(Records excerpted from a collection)
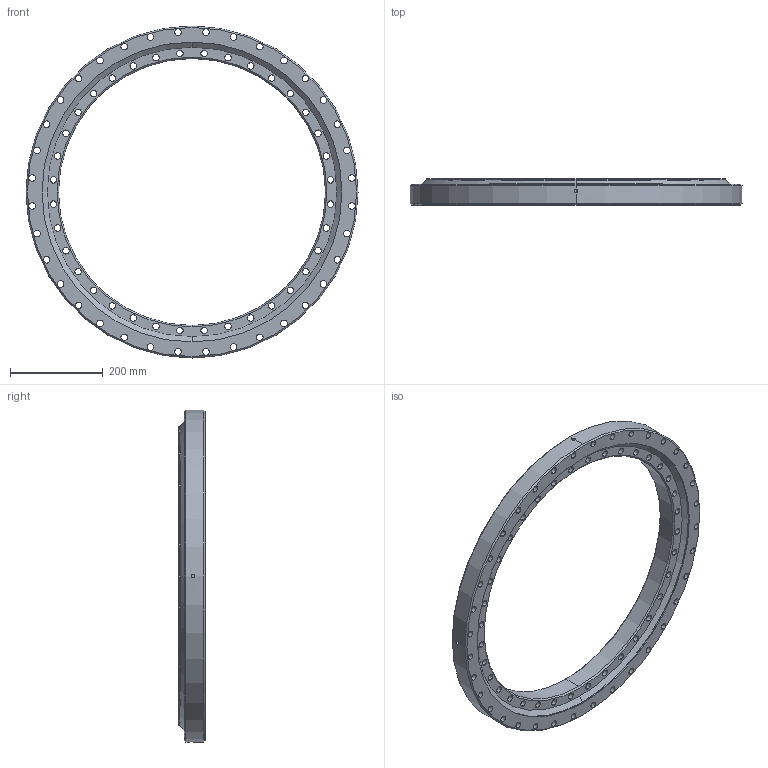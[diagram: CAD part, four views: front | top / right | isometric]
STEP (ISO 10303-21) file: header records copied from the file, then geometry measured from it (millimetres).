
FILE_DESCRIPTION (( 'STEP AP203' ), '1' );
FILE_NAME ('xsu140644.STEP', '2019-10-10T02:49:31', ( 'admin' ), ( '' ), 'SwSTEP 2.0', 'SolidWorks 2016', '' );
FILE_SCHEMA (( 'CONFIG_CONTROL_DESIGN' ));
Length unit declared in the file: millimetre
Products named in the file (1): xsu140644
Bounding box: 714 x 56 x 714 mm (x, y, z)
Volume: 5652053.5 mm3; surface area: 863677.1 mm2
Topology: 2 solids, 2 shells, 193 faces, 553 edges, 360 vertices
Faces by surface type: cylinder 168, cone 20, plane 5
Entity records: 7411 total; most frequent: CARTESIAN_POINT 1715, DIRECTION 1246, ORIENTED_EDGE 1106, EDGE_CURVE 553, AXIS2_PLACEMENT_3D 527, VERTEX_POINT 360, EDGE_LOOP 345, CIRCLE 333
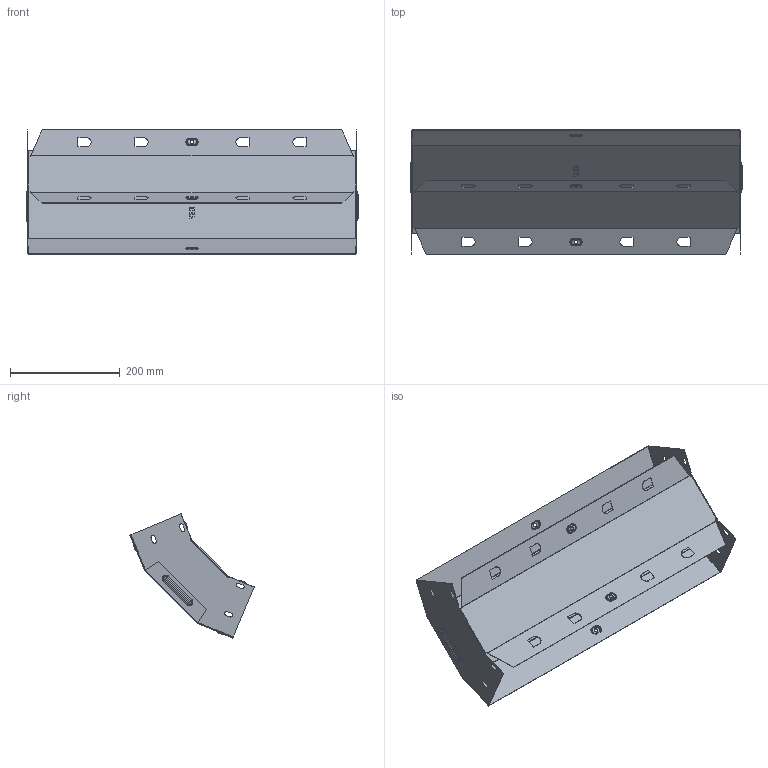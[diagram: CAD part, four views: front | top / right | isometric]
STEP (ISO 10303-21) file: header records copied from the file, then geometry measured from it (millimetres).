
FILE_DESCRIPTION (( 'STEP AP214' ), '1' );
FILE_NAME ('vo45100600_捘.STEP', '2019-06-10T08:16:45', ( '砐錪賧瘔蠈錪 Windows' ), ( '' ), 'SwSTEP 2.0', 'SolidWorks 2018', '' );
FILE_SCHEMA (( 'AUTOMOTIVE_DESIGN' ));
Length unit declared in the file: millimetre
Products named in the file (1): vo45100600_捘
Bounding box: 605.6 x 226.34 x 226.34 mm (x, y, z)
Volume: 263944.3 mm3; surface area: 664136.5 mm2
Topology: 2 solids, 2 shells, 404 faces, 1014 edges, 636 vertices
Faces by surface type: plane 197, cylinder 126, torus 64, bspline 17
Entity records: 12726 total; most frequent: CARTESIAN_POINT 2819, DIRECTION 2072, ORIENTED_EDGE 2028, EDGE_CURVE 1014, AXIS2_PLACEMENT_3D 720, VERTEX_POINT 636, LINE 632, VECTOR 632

> Task objective
Output each line exactly as shown above; no pictures go in the copy.

> The completed task
[diagram: CAD part, four views: front | top / right | isometric]
STEP (ISO 10303-21) file: header records copied from the file, then geometry measured from it (millimetres).
FILE_DESCRIPTION (( 'STEP AP203' ), '1' );
FILE_NAME ('xsu140644.STEP', '2019-10-10T02:49:31', ( 'admin' ), ( '' ), 'SwSTEP 2.0', 'SolidWorks 2016', '' );
FILE_SCHEMA (( 'CONFIG_CONTROL_DESIGN' ));
Length unit declared in the file: millimetre
Products named in the file (1): xsu140644
Bounding box: 714 x 56 x 714 mm (x, y, z)
Volume: 5652053.5 mm3; surface area: 863677.1 mm2
Topology: 2 solids, 2 shells, 193 faces, 553 edges, 360 vertices
Faces by surface type: cylinder 168, cone 20, plane 5
Entity records: 7411 total; most frequent: CARTESIAN_POINT 1715, DIRECTION 1246, ORIENTED_EDGE 1106, EDGE_CURVE 553, AXIS2_PLACEMENT_3D 527, VERTEX_POINT 360, EDGE_LOOP 345, CIRCLE 333
[diagram: CAD part, four views: front | top / right | isometric]
STEP (ISO 10303-21) file: header records copied from the file, then geometry measured from it (millimetres).
FILE_DESCRIPTION (( 'STEP AP214' ), '1' );
FILE_NAME ('vo45100600_捘.STEP', '2019-06-10T08:16:45', ( '砐錪賧瘔蠈錪 Windows' ), ( '' ), 'SwSTEP 2.0', 'SolidWorks 2018', '' );
FILE_SCHEMA (( 'AUTOMOTIVE_DESIGN' ));
Length unit declared in the file: millimetre
Products named in the file (1): vo45100600_捘
Bounding box: 605.6 x 226.34 x 226.34 mm (x, y, z)
Volume: 263944.3 mm3; surface area: 664136.5 mm2
Topology: 2 solids, 2 shells, 404 faces, 1014 edges, 636 vertices
Faces by surface type: plane 197, cylinder 126, torus 64, bspline 17
Entity records: 12726 total; most frequent: CARTESIAN_POINT 2819, DIRECTION 2072, ORIENTED_EDGE 2028, EDGE_CURVE 1014, AXIS2_PLACEMENT_3D 720, VERTEX_POINT 636, LINE 632, VECTOR 632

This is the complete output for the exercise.